[Data listing]

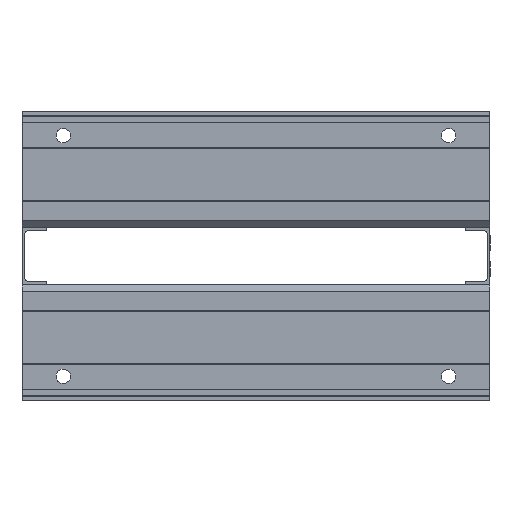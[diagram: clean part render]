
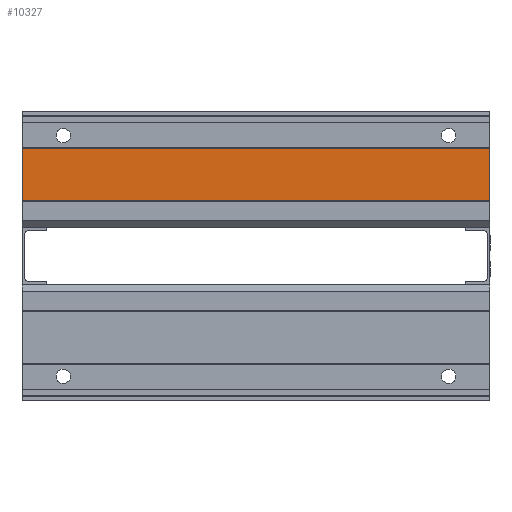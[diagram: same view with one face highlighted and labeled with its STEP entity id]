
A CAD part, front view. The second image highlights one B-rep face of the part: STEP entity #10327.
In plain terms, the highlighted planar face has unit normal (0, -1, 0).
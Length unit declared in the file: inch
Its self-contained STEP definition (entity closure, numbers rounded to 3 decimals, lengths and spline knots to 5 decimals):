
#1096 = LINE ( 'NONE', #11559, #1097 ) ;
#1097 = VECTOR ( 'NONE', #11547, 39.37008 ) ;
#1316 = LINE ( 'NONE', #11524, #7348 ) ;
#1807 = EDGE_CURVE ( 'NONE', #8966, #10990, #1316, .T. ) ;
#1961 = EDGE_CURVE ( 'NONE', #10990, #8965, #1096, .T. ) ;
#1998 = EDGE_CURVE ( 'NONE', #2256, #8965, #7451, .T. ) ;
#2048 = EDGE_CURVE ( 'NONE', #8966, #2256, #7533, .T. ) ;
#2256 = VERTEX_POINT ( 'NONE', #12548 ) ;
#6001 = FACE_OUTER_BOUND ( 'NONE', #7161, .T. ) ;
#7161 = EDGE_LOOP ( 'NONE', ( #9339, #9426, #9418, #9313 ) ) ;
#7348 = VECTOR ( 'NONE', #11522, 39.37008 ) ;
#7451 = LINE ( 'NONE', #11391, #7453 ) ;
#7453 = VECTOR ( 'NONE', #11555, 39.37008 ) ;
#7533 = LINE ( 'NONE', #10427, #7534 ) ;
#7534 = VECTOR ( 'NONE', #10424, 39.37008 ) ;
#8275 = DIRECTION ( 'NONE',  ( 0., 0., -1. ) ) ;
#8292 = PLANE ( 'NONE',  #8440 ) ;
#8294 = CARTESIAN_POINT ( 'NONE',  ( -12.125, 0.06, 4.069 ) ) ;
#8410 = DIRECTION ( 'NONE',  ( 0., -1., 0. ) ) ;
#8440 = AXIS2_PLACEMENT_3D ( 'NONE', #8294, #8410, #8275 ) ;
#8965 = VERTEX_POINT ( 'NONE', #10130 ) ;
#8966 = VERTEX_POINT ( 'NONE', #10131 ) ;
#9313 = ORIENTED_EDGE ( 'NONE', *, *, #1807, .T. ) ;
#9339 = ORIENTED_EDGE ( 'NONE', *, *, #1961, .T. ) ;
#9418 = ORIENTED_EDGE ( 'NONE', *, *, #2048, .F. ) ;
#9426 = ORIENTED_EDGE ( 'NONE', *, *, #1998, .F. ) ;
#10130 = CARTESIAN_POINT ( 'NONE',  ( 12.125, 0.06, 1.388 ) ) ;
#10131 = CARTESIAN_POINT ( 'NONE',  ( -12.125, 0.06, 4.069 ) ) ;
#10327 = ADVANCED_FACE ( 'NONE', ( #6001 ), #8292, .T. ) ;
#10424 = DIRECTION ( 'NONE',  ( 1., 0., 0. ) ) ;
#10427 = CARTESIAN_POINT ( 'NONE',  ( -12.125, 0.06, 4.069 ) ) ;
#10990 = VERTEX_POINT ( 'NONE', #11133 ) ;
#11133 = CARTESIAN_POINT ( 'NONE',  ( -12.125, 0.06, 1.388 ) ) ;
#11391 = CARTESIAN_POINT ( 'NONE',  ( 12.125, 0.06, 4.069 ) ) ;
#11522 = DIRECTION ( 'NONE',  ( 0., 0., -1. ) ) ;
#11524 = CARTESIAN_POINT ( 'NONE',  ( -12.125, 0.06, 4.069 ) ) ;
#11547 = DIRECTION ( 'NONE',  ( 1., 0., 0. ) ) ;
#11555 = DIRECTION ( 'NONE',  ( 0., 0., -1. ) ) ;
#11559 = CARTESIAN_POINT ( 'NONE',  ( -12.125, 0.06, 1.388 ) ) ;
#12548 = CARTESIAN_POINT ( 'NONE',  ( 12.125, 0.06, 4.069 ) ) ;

[/Data listing]

§ **Directions**
All lines of the records above that contain the word "unit" are to be copied out.

§ **Response**
In plain terms, the highlighted planar face has unit normal (0, -1, 0).
Length unit declared in the file: inch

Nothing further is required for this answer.